Earliest depictions of the infinite

Question

1. What are some of the earliest graphics (drawings/carvings/etc.) clearly attempting to depict some concept of the infinite (infinite divisibility or embeddings, infinite extension, infinite number)?

2. What are some of the earliest depictions of a line or curve extending to infinity in one direction? opposing directions?

Update:

The earliest depictions - don't ignore the plural form.

So far, the earliest examples are related naturally to temporal extension and religion, not surprisingly, given the diurnal, lunar, and seasonal cycles and the cycle in nature of birth and death.

Theoretical arguments concerning infinite geometric divisibility and extension are associated with the Greeks some 2,500 years ago.

The earliest mirrors were made at least 6,000 years ago, I expect some of the prosperous with exceptional mirrors at some time played with multiple reflections, which continue to amuse movie audiences today, made the mental leap to an infinite number, and felt compelled to record their observations and idea for others in schematics/drawings that may have survived somewhere, particularly since religious significance was often associated with people's reflections in mirrors. (I'd be interested in a verbal record of this as well.)

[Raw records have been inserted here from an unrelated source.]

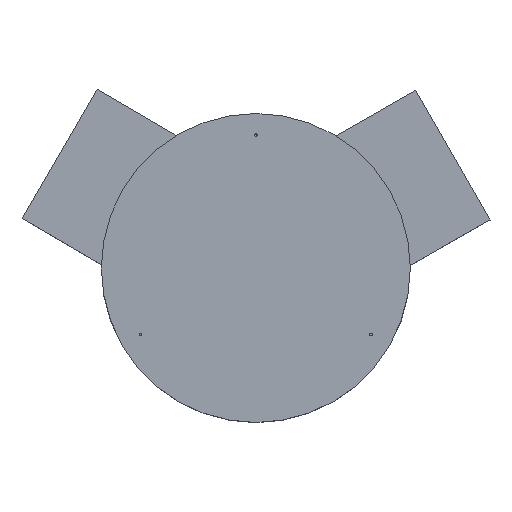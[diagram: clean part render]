
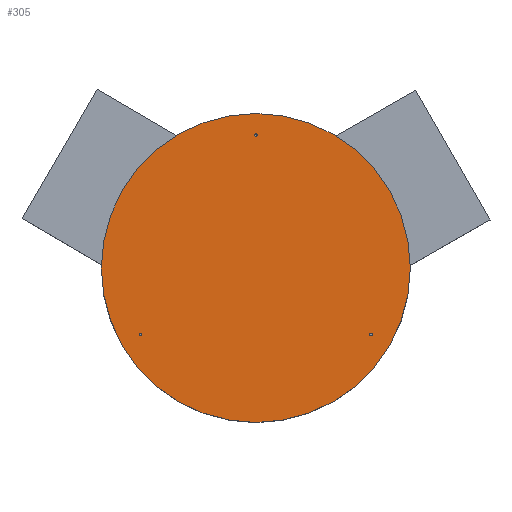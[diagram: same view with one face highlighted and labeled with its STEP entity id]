
A CAD part, top view. The second image highlights one B-rep face of the part: STEP entity #305.
In plain terms, the highlighted planar face has unit normal (0, 0, 1).
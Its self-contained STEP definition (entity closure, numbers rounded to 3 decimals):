
#38=FACE_BOUND('',#95,.T.);
#39=FACE_BOUND('',#96,.T.);
#40=FACE_BOUND('',#97,.T.);
#48=PLANE('',#415);
#69=FACE_OUTER_BOUND('',#94,.T.);
#94=EDGE_LOOP('',(#254));
#95=EDGE_LOOP('',(#255));
#96=EDGE_LOOP('',(#256));
#97=EDGE_LOOP('',(#257));
#149=CIRCLE('',#400,5.);
#151=CIRCLE('',#404,5.);
#153=CIRCLE('',#408,5.);
#156=CIRCLE('',#414,613.);
#164=VERTEX_POINT('',#557);
#166=VERTEX_POINT('',#564);
#168=VERTEX_POINT('',#571);
#171=VERTEX_POINT('',#581);
#191=EDGE_CURVE('',#164,#164,#149,.T.);
#194=EDGE_CURVE('',#166,#166,#151,.T.);
#197=EDGE_CURVE('',#168,#168,#153,.T.);
#201=EDGE_CURVE('',#171,#171,#156,.T.);
#254=ORIENTED_EDGE('',*,*,#201,.T.);
#255=ORIENTED_EDGE('',*,*,#191,.T.);
#256=ORIENTED_EDGE('',*,*,#194,.T.);
#257=ORIENTED_EDGE('',*,*,#197,.T.);
#305=ADVANCED_FACE('',(#69,#38,#39,#40),#48,.T.);
#400=AXIS2_PLACEMENT_3D('',#558,#461,#462);
#404=AXIS2_PLACEMENT_3D('',#565,#470,#471);
#408=AXIS2_PLACEMENT_3D('',#572,#479,#480);
#414=AXIS2_PLACEMENT_3D('',#582,#492,#493);
#415=AXIS2_PLACEMENT_3D('',#584,#495,#496);
#461=DIRECTION('center_axis',(0.,0.,-1.));
#462=DIRECTION('ref_axis',(-0.5,-0.866,0.));
#470=DIRECTION('center_axis',(0.,0.,-1.));
#471=DIRECTION('ref_axis',(-0.5,0.866,0.));
#479=DIRECTION('center_axis',(0.,0.,-1.));
#480=DIRECTION('ref_axis',(1.,0.,0.));
#492=DIRECTION('center_axis',(0.,0.,1.));
#493=DIRECTION('ref_axis',(1.,0.,0.));
#495=DIRECTION('center_axis',(0.,0.,1.));
#496=DIRECTION('ref_axis',(1.,0.,0.));
#557=CARTESIAN_POINT('',(459.328,-259.42,25.));
#558=CARTESIAN_POINT('Origin',(456.828,-263.75,25.));
#564=CARTESIAN_POINT('',(-454.328,-268.08,25.));
#565=CARTESIAN_POINT('Origin',(-456.828,-263.75,25.));
#571=CARTESIAN_POINT('',(-5.,527.5,25.));
#572=CARTESIAN_POINT('Origin',(0.,527.5,25.));
#581=CARTESIAN_POINT('',(-613.,0.,25.));
#582=CARTESIAN_POINT('Origin',(0.,0.,25.));
#584=CARTESIAN_POINT('Origin',(0.,0.,25.));

Look at the highly suggestive recursion of triangles in two columns of these 5,000-year-old [temple mosaics][1] of Uruk in ancient Sumeria.

[1]: http://math.wikia.com/wiki/Iraqi_mathematics

Answer 1

I will start with the second question first. Obviously, diagrams can only depict a finite pice of a line or curve, so we wouldn't "clearly" know if infinite extension is meant unless there is an accompanying text saying so. It is unlikely that practical geometrical concerns of ancient Egyptians and others encouraged recording such thoughts even if they did occur, which is likely. Ancient Greeks were first to start recording abstractions of this sort, and as far as I know the earliest surviving record is postulate 2 in Euclid's Elements: "let it be given that a finite straight line can be produced continuously in a straight line". Postulate 2 most likely dates to late Pythagoreans like Hippocrates and Oenopides of Chios (5th century BC), and the tradition attributes an even earlier proposition (about parallels cutting an angle), which can be generously read as implying indefinite extension, to Thales of Miletus (6th century BC). But was Thales, if it was him, the first to conceive of an infinitely extending line? Probably not.

This illustrates the difficulties with finding "the earliest symbol" in general. Here are two contenders for the first question.

Ankh, ancient Egyptian symbol for "mythical eternal life" and "rebirth", similar in meaning to also ancient Egyptian scarab, and later Ouroboros, unbroken circle, "snake biting its own tail". Medieval alchemists occasionally twisted the circle into a horizontal figure 8, which may or may not have inspired John Wallis to introduce $\infty$ into mathematics in 1667. Alternative theory is that he simply closed Greek $\omega$.

Endless knot, Shrivatsa in sanskrit, "an ancient symbol representing the interweaving of the Spiritual path, the flowing of Time and Movement within That Which is Eternal".

Answer 2

Certainly not the earliest, but Escher liked these hyperbolic tessellations, which show the infinite in a finite space...